• Dataset records:
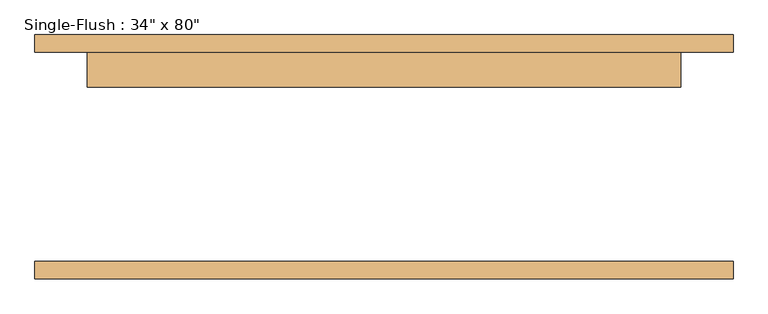
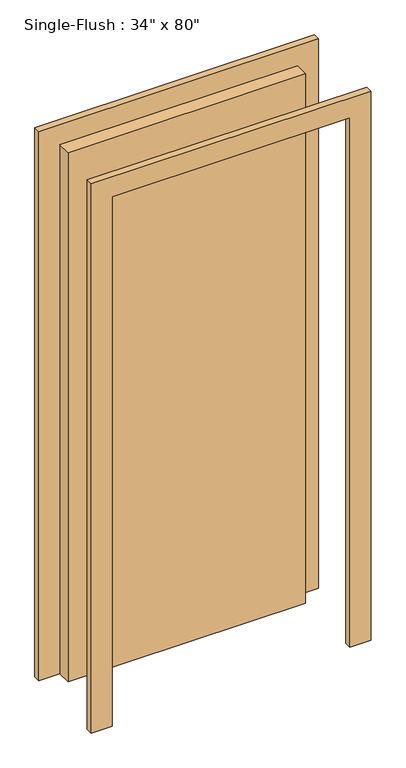
"""IFC4 building model written with IfcOpenShell, lengths in millimetres: door geometry."""

from ifc_helpers import new_model, si_unit, frame, origin, origin_with_axes, place, context, project, spatial, polyline, outline, extrude, source, transform, mapped, element, save


def door_93553381(model_context):
    return source(origin(), model_context, "Body", "SweptSolid", [
        extrude(outline(polyline([(2108.2, -508.0), (0.0, -508.0), (0.0, -431.8), (2032.0, -431.8), (2032.0, 431.8), (0.0, 431.8), (0.0, 508.0), (2108.2, 508.0), (2108.2, -508.0)])), frame((0.0, 152.4, 0.0), z_axis=(0.0, 1.0, 0.0), x_axis=(0.0, 0.0, 1.0)), (0.0, 0.0, 1.0), 25.4),
        extrude(outline(polyline([(2108.2, 508.0), (2108.2, -508.0), (0.0, -508.0), (0.0, -431.8), (2032.0, -431.8), (2032.0, 431.8), (0.0, 431.8), (0.0, 508.0), (2108.2, 508.0)])), frame((0.0, -177.8, 0.0), z_axis=(0.0, 1.0, 0.0), x_axis=(0.0, 0.0, 1.0)), (0.0, 0.0, 1.0), 25.4),
        extrude(outline(polyline([(431.8, 101.6), (-431.8, 101.6), (-431.8, 152.4), (431.8, 152.4), (431.8, 101.6)])), origin_with_axes(), (0.0, 0.0, 1.0), 2032.0),
    ])


if __name__ == "__main__":
    model = new_model("IFC4")
    model_context = context("Model", 3, world=origin())
    ifc_project = project(units=[si_unit("LENGTHUNIT", "METRE", prefix="MILLI")], contexts=[model_context])
    site = spatial("IfcSite", under=ifc_project)
    building = spatial("IfcBuilding", under=site)
    placement = place(None, origin())
    door_shape = door_93553381(model_context)
    element("IfcDoor", 1, ObjectType="Single-Flush : 34\" x 80\"", at=placement, inside=building, context=model_context, shape_type="MappedRepresentation", body=[
        mapped(door_shape, transform((0.0, 0.0, 0.0), x_axis=(1.0, 0.0, 0.0), y_axis=(0.0, 1.0, 0.0), z_axis=(0.0, 0.0, 1.0))),
    ])
    save(model, "model.ifc")

# Revit data of these elements
# Type "Single-Flush : 34\" x 80\""
#   Type Mark = "7"
#   Construction Type Id = "MDOOR"
#   Assembly Code = "C1020"
#   Analytic Construction = "Metal"
#   Thickness = 0' - 2"
#   Heat Transfer Coefficient (U) = 0.651978 BTU/(h·ft²·°F)
#   Height = 6' - 8"
#   Trim Projection Ext = 0' - 1"
#   Trim Projection Int = 0' - 1"
#   Trim Width = 0' - 3"
#   Width = 2' - 10"
#   Define Thermal Properties by = 1
#   Define Thermal Properties by = 1
#   Door Material = Door - Panel
#   Frame Material = Door - Frame
#   Visual Light Transmittance = 0
#   Solar Heat Gain Coefficient = 0
#   Function = (empty or 0)
#   Wall Closure = (empty or 0)
# Element 1 (IfcDoor, "Single-Flush : 34\" x 80\"")
#   Materials on its faces: "Door - Frame", "Door - Panel"
# Materials
#   "Door - Panel": class "Wood", colour RGB 210 159 95, transparency 0, Cost = 0
#   "Door - Frame": class "Miscellaneous", colour RGB 118 70 51, transparency 0, Cost = 0

• Exercise instructions: Please retype the material above exactly, and omit its images.

• Result:
"""IFC4 building model written with IfcOpenShell, lengths in millimetres: door geometry."""

from ifc_helpers import new_model, si_unit, frame, origin, origin_with_axes, place, context, project, spatial, polyline, outline, extrude, source, transform, mapped, element, save


def door_93553381(model_context):
    return source(origin(), model_context, "Body", "SweptSolid", [
        extrude(outline(polyline([(2108.2, -508.0), (0.0, -508.0), (0.0, -431.8), (2032.0, -431.8), (2032.0, 431.8), (0.0, 431.8), (0.0, 508.0), (2108.2, 508.0), (2108.2, -508.0)])), frame((0.0, 152.4, 0.0), z_axis=(0.0, 1.0, 0.0), x_axis=(0.0, 0.0, 1.0)), (0.0, 0.0, 1.0), 25.4),
        extrude(outline(polyline([(2108.2, 508.0), (2108.2, -508.0), (0.0, -508.0), (0.0, -431.8), (2032.0, -431.8), (2032.0, 431.8), (0.0, 431.8), (0.0, 508.0), (2108.2, 508.0)])), frame((0.0, -177.8, 0.0), z_axis=(0.0, 1.0, 0.0), x_axis=(0.0, 0.0, 1.0)), (0.0, 0.0, 1.0), 25.4),
        extrude(outline(polyline([(431.8, 101.6), (-431.8, 101.6), (-431.8, 152.4), (431.8, 152.4), (431.8, 101.6)])), origin_with_axes(), (0.0, 0.0, 1.0), 2032.0),
    ])


if __name__ == "__main__":
    model = new_model("IFC4")
    model_context = context("Model", 3, world=origin())
    ifc_project = project(units=[si_unit("LENGTHUNIT", "METRE", prefix="MILLI")], contexts=[model_context])
    site = spatial("IfcSite", under=ifc_project)
    building = spatial("IfcBuilding", under=site)
    placement = place(None, origin())
    door_shape = door_93553381(model_context)
    element("IfcDoor", 1, ObjectType="Single-Flush : 34\" x 80\"", at=placement, inside=building, context=model_context, shape_type="MappedRepresentation", body=[
        mapped(door_shape, transform((0.0, 0.0, 0.0), x_axis=(1.0, 0.0, 0.0), y_axis=(0.0, 1.0, 0.0), z_axis=(0.0, 0.0, 1.0))),
    ])
    save(model, "model.ifc")

# Revit data of these elements
# Type "Single-Flush : 34\" x 80\""
#   Type Mark = "7"
#   Construction Type Id = "MDOOR"
#   Assembly Code = "C1020"
#   Analytic Construction = "Metal"
#   Thickness = 0' - 2"
#   Heat Transfer Coefficient (U) = 0.651978 BTU/(h·ft²·°F)
#   Height = 6' - 8"
#   Trim Projection Ext = 0' - 1"
#   Trim Projection Int = 0' - 1"
#   Trim Width = 0' - 3"
#   Width = 2' - 10"
#   Define Thermal Properties by = 1
#   Define Thermal Properties by = 1
#   Door Material = Door - Panel
#   Frame Material = Door - Frame
#   Visual Light Transmittance = 0
#   Solar Heat Gain Coefficient = 0
#   Function = (empty or 0)
#   Wall Closure = (empty or 0)
# Element 1 (IfcDoor, "Single-Flush : 34\" x 80\"")
#   Materials on its faces: "Door - Frame", "Door - Panel"
# Materials
#   "Door - Panel": class "Wood", colour RGB 210 159 95, transparency 0, Cost = 0
#   "Door - Frame": class "Miscellaneous", colour RGB 118 70 51, transparency 0, Cost = 0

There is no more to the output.